## Activity
Among the entries, which lines carry the string "extrude"? Copy every one.

Stored items
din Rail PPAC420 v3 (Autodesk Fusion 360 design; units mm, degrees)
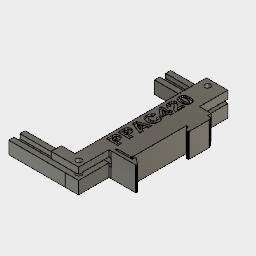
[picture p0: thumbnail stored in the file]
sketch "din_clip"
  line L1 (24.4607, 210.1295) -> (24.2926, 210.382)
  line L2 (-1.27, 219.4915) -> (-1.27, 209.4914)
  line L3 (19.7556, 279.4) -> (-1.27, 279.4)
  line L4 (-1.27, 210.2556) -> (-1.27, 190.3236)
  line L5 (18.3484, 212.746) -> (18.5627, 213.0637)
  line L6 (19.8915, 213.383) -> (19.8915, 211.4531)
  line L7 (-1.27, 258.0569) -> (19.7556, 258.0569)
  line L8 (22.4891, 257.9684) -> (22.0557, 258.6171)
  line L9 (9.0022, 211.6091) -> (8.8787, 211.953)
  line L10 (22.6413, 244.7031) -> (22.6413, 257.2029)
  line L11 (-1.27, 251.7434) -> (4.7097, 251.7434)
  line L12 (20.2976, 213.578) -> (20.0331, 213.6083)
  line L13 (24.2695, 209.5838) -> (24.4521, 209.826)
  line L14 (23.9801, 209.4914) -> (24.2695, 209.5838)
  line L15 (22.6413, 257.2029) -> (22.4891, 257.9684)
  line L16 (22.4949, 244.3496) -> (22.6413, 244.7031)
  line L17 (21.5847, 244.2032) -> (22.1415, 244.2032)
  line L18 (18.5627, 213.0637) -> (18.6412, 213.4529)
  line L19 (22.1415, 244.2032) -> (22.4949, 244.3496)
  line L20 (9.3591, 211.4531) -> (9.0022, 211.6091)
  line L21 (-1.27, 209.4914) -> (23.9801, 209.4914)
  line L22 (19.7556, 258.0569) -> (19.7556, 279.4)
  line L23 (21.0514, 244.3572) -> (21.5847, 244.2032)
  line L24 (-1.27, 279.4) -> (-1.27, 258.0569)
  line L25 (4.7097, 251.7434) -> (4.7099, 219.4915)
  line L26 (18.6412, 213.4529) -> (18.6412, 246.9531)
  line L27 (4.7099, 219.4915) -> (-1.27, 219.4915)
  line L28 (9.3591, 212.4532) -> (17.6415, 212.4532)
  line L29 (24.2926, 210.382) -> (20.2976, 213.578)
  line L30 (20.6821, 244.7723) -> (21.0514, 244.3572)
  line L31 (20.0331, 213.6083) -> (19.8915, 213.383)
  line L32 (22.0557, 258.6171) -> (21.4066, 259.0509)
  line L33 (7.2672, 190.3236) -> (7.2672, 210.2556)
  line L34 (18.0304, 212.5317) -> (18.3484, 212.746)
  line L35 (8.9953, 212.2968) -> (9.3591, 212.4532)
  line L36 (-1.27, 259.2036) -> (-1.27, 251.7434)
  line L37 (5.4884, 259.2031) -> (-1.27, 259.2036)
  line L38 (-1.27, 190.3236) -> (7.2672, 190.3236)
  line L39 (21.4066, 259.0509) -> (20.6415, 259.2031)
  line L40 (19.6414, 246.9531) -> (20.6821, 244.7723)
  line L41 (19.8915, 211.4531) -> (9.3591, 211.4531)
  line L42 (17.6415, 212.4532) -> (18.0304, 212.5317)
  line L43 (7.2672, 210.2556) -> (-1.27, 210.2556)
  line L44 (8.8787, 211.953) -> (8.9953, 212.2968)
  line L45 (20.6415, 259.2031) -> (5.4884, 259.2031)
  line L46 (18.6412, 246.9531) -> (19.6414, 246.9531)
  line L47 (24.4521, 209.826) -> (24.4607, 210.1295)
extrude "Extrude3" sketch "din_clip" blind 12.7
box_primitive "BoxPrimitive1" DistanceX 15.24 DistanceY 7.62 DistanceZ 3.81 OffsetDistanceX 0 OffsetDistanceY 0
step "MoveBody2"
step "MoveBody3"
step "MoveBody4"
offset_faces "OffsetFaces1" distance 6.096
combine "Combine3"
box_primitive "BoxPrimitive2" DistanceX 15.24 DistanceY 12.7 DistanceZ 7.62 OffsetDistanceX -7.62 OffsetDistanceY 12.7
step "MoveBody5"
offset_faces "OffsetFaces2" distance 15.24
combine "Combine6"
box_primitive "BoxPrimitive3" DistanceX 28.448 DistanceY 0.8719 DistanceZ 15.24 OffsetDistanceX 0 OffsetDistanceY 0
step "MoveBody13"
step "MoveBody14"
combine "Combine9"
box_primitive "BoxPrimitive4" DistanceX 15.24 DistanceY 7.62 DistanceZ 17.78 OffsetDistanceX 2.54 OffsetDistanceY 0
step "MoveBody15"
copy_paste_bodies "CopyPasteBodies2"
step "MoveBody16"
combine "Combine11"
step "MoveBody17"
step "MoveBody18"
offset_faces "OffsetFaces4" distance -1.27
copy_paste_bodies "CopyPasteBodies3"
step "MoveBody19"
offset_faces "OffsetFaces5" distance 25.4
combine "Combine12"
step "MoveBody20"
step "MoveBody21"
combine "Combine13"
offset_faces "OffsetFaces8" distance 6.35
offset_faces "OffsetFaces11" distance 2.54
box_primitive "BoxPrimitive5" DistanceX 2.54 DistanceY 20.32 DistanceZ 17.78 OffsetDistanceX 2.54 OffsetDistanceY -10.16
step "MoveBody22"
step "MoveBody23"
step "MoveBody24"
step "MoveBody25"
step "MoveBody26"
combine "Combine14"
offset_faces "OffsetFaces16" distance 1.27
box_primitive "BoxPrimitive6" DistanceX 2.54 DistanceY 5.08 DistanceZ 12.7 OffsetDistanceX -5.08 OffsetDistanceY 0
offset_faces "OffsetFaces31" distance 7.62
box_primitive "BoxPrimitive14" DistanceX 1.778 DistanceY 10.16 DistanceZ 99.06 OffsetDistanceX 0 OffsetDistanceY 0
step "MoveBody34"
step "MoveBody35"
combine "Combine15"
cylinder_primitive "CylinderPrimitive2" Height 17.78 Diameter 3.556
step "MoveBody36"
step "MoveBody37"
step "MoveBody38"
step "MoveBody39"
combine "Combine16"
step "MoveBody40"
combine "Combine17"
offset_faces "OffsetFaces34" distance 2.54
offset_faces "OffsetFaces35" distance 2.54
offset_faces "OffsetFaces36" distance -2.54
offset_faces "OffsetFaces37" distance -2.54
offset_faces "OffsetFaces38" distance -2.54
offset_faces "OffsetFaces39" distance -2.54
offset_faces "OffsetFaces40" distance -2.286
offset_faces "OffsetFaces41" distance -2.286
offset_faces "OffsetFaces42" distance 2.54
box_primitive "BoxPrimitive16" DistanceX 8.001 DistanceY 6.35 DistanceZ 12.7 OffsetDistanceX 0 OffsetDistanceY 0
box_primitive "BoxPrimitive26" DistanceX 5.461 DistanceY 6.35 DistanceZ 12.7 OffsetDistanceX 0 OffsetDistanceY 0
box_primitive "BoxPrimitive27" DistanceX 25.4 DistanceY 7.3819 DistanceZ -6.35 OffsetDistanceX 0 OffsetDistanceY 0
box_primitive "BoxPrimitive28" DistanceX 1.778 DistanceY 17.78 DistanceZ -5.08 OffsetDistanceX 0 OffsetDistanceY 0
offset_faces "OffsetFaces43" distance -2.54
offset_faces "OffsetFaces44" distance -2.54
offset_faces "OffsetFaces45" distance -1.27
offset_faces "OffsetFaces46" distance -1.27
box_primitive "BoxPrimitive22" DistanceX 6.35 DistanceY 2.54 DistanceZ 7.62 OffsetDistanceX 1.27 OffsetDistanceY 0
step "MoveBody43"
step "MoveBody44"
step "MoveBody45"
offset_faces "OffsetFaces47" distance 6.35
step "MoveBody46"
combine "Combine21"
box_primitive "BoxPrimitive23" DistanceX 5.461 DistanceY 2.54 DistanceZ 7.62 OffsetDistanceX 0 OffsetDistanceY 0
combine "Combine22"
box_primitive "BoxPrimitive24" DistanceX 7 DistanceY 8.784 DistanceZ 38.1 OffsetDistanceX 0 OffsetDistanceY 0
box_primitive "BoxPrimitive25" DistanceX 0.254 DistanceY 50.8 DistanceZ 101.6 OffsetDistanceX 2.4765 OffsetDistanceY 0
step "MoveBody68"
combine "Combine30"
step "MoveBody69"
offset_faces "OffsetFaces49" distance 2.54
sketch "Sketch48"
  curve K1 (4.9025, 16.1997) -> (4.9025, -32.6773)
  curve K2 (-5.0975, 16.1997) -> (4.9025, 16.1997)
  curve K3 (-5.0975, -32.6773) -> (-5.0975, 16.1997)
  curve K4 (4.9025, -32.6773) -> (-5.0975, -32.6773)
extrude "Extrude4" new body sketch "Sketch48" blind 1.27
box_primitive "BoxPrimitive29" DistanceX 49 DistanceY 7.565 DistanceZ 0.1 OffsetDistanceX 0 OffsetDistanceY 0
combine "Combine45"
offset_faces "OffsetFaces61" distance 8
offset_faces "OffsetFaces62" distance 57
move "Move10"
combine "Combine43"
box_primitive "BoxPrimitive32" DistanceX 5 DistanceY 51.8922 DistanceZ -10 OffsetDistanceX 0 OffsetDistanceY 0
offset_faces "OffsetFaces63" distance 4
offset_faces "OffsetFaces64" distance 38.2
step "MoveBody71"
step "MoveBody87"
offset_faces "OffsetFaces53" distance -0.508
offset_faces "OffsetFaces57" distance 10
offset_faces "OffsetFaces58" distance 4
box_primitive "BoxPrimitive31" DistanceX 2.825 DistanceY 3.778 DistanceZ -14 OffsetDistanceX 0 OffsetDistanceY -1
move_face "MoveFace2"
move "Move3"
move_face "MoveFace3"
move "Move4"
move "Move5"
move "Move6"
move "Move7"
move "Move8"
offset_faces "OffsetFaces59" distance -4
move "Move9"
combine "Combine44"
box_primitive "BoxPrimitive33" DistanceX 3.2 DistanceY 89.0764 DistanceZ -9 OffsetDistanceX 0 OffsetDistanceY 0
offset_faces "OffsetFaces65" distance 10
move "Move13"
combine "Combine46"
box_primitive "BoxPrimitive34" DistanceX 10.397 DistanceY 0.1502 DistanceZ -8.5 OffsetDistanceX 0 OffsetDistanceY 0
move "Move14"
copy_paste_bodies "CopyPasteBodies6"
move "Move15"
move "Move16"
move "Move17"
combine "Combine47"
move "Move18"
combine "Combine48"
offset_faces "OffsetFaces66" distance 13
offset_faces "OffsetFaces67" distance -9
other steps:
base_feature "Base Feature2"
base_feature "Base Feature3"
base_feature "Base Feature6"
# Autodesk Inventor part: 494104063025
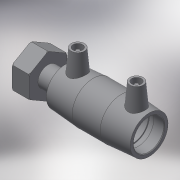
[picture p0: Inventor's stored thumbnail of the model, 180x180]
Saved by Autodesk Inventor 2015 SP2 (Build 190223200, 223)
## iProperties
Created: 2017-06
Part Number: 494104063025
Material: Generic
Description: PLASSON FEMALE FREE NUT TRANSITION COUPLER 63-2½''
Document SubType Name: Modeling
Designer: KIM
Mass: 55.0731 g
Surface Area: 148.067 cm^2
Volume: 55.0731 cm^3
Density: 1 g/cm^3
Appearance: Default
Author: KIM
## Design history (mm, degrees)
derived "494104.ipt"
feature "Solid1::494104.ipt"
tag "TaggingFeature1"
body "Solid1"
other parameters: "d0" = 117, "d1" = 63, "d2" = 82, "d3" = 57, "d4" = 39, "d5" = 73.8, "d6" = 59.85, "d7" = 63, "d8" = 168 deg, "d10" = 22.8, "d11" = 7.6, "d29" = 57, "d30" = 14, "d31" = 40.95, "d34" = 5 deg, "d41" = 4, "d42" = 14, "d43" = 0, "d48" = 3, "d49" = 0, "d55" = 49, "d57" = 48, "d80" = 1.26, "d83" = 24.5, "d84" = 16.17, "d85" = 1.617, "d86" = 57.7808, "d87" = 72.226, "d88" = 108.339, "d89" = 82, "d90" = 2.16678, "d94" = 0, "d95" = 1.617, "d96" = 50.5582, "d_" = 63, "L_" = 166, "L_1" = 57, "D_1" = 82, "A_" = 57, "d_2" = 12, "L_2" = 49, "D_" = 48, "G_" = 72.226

## Task answer
extrude "Extrude3" sketch "din_clip" blind 12.7
extrude "Extrude4" new body sketch "Sketch48" blind 1.27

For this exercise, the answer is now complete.